The conditional part of both of these sentences is the if - then wrapper around the proposition.

Between the if and then, each of the sentences above actually contains two propositions, which I've highlighted in green and blue to distinguish them from each other.

In each case, the two propositions are combined by an operator (highlighted in purple). In the first case this operator is the word and; in the second case it is the word or.

Our understanding of ordinary language tells us what these operators do: the first (and) means that the whole proposition is true if and only if both propositions are true. The second (or) means that the whole proposition is true if either proposition is true.

You'll notice that each operator has the effect of combining the two propositions on either side of it into a single result. (We call these binary operators because they have two operands. You may remember that we've seen the word operand before!) We're very familiar with this kind of operator in everyday maths.

$$ z = x + y$$

The add operator in regular maths is a binary operator; it takes the expressions on either side of it, and combines them to form a result.

$$ z = x \times y$$

The multiplication operator is another binary operator; it also takes the expressions on either side of it, and combines them to form a result.

Spot test: Can you name two other binary operators you're very familiar with?

Answer: There are several you could pick - the most obvious are probably subtraction and division.

If you said negation - then yes, that is an operator, but it is not a binary operator.

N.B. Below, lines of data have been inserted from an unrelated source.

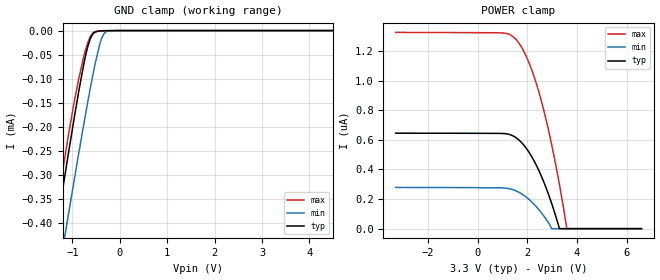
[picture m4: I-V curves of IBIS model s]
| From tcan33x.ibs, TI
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|   s Model
[Model]   s
Model_type   Input
Vinl = 0.66
Vinh = 2.64
|   typ   min   max
|   (nom PVT)   (fast PVT)   (slow PVT)
C_comp   2.903e-13   2.858e-13   3.048e-13
[Model spec]
|subparameter
Vinl   0.66   0.60   0.72
Vinh   2.64   2.40   2.88
| Where nom  PVT is Nominal Process, 3.3V, 27C
|   Fast PVT is Strong Process,  3.6V, -40C
|   Slow PVT is Weak Process,   3V, 150C
[Voltage Range]   3.3   3   3.6
|Junction Temperature
[Temperature Range]   27   150   -40
[Power Clamp Reference]   3.3   3   3.6
[GND Clamp Reference]   0   0   0
[GND Clamp]
|   Voltage   I(typ)   I(min)   I(max)
-3.3V     -1.687mA   -1.742mA   -1.782mA
-1.623V   -597.4uA   -708.9uA   -579.5uA
-1.334V   -413.6uA   -534.2uA   -380.4uA
-1.162V   -305.4uA   -430.6uA   -267.1uA
-1.086V   -258.7uA   -385.7uA   -220.5uA
-874.5mV  -132.9uA   -261.8uA   -105.8uA
-726mV    -55.25uA   -177.6uA   -42.33uA
-620.4mV  -17.21uA   -120.3uA   -12.61uA
-518.1mV  -3.093uA   -68.99uA   -2.122uA
-375mV    -331.7nA   -14.9uA    -440.1nA
-214.5mV  -130.2nA   -435nA     -231nA
6.6V      0A         0A         0A
[POWER Clamp]
|   Voltage   I(typ)   I(min)   I(max)
-3.3V     644.7nA    278.4nA    1.325uA
933.6mV   642.9nA    275.5nA    1.322uA
1.409V    628nA      263.8nA    1.299uA
1.647V    601nA      246.9nA    1.256uA
1.947V    545.4nA    214.5nA    1.168uA
2.241V    467.8nA    170.5nA    1.043uA
2.503V    379.1nA    121nA      901.4nA
2.712V    295.6nA    74.69nA    767.7nA
2.982V    170.5nA    0A         567.9nA
3.297V    0A         0A         296.8nA
3.594V    0A         0A         0A
6.6V      0A         0A         0A
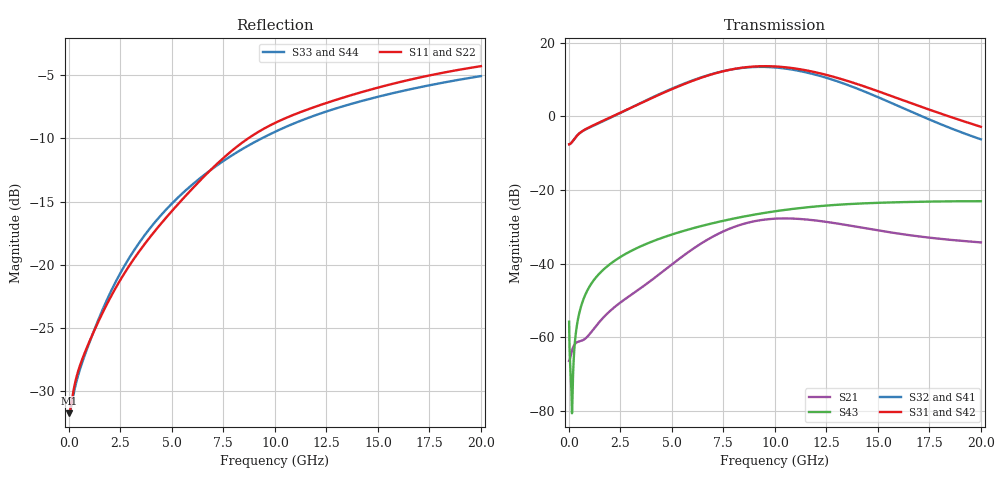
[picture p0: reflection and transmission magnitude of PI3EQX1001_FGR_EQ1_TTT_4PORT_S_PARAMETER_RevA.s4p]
! NPort=4 DATA=2000 NOISE=0 GROUPDELAY=0 COMPLEX_DATAFORMAT=POLAR
! NumOfBlock=1 NumOfParam=0
! .MODEL Smodel S TSTONEFILE=PI3EQX1001_FGR_EQ1_TTT_4PORT_S_PARAMETER_RevA.s4p TYPE=S
!  -- The above .MODEL line can be used for the S element in the netlist.
! The s parameter is extracted from the linear redriver, it is not bi-directional; only s(4,1)s(4,2) and s(3,1)s(3,2)
! should be the insertion loss
!Port definition:
!Port1 = input+
!Port2 = input¨C
!Port3 = output+
!Port4 = output-
# Hz S MA R  50
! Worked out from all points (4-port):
!   2000 points, 10 MHz to 20 GHz, reference 50 ohm
!   strongest paths, dB at 10 MHz, 5.01 GHz, 10.01 GHz, 15.01 GHz, 20 GHz:
!     S31: -7.6, 7.4, 13.5, 6.8, -2.8
!     S42: -7.6, 7.4, 13.5, 6.8, -2.9
!     S32: -7.6, 7.5, 13.3, 5.2, -6.3
!     S41: -7.6, 7.5, 13.2, 5.1, -6.3
!     S43: -55.8, -32.1, -25.8, -23.5, -23.1
!     S21: -66.4, -40.2, -27.8, -31.0, -34.2
!   lowest |S11| = -31.7 dB at 10 MHz (marker M1), VSWR 1.05, Z = 47.5 - j0.063 ohm
!   |S11| at or under -10 dB: start of sweep to 8.703 GHz
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1e7  0.0259 -178.5  0.0004911 2.7  3.669e-05 -0.2  4.787e-05 -0.1
     0.0004778 2.9  0.02597 -178.7  4.577e-05 -0.2  5.994e-05 -0.1
     0.4171 0.3  0.417 -179.7  0.02616 178.4  0.001615 -59.2
     0.4168 -179.7  0.4169 0.3  0.001626 -59.0  0.02612 178.4
6.23e9  0.2098 -104.5  0.01668 99.7  2.299e-05 -30.8  3.285e-05 -29.2
        0.01733 98.0  0.2082 -104.4  3.009e-05 -26.5  4.183e-05 -24.5
        3.198 -48.5  3.239 134.9  0.2156 -111.1  0.0313 61.2
        3.225 134.8  3.193 -48.5  0.0313 61.1  0.2156 -111.1
8.42e9  0.3046 -107.4  0.0332 63.7  2.029e-05 -28.3  3.155e-05 -31.0
        0.03426 62.4  0.3027 -107.5  2.945e-05 -25.7  3.922e-05 -24.8
        4.579 -109.3  4.543 74.4  0.2871 -113.6  0.04325 48.5
        4.517 74.5  4.573 -109.2  0.04315 48.3  0.2869 -113.5
1.051e10  0.3801 -113.5  0.03985 24.6  2.186e-05 -23.3  3.317e-05 -39.4
          0.04106 23.5  0.3773 -113.6  3.15e-05 -33.2  4.013e-05 -24.7
          4.634 -173.1  4.446 11.1  0.3506 -116.9  0.0539 34.6
          4.416 11.2  4.63 -173.0  0.05368 34.5  0.3504 -116.9
1.311e10  0.453 -119.2  0.03367 -10.3  2.828e-05 -37.5  3.088e-05 -61.7
          0.03472 -11.2  0.4492 -119.2  2.914e-05 -53.8  4.529e-05 -35.1
          3.277 114.4  2.936 -60.2  0.4189 -121.4  0.06331 16.5
          2.914 -59.9  3.272 114.5  0.06313 16.6  0.4189 -121.4
1.566e10  0.5183 -123.7  0.02553 -27.2  2.801e-05 -69.1  2.285e-05 -90.8
          0.02641 -28.2  0.514 -123.8  2.07e-05 -79.7  4.245e-05 -56.9
          1.883 57.3  1.516 -114.1  0.476 -125.3  0.06783 0.5
          1.503 -113.6  1.88 57.4  0.06776 0.6  0.4756 -125.3
2e10  0.6102 -131.1  0.01876 -37.1  1.43e-05 -149.8  1.206e-05 151.7
      0.0194 -38.8  0.6048 -131.2  8.114e-06 137.0  1.709e-05 -96.2
      0.7205 -12.1  0.4869 -166.6  0.5574 -131.1  0.07038 -23.6
      0.484 -165.7  0.7184 -11.9  0.07035 -23.6  0.5574 -131.1

It operates on only one value: the value that is to be negated, so it is called a unary operator.

\(z = -y\ \)

You'll also notice the multiplication and addition operators appear between their operands, so we often call them infix operators, whereas the negation operator appears before its operand, so we call it a prefix operator.

So, we can recognize binary and unary operators in regular maths. What about our logical operators, and and or? Can we write those natural language expressions in a more formal way, too?

Let's call the two propositions in the first statement \(p\_1\ \) ("you have cleaned your bedroom") and \(p\_2\ \) ("you have done the washing up"), and the overall proposition \(p\ \) .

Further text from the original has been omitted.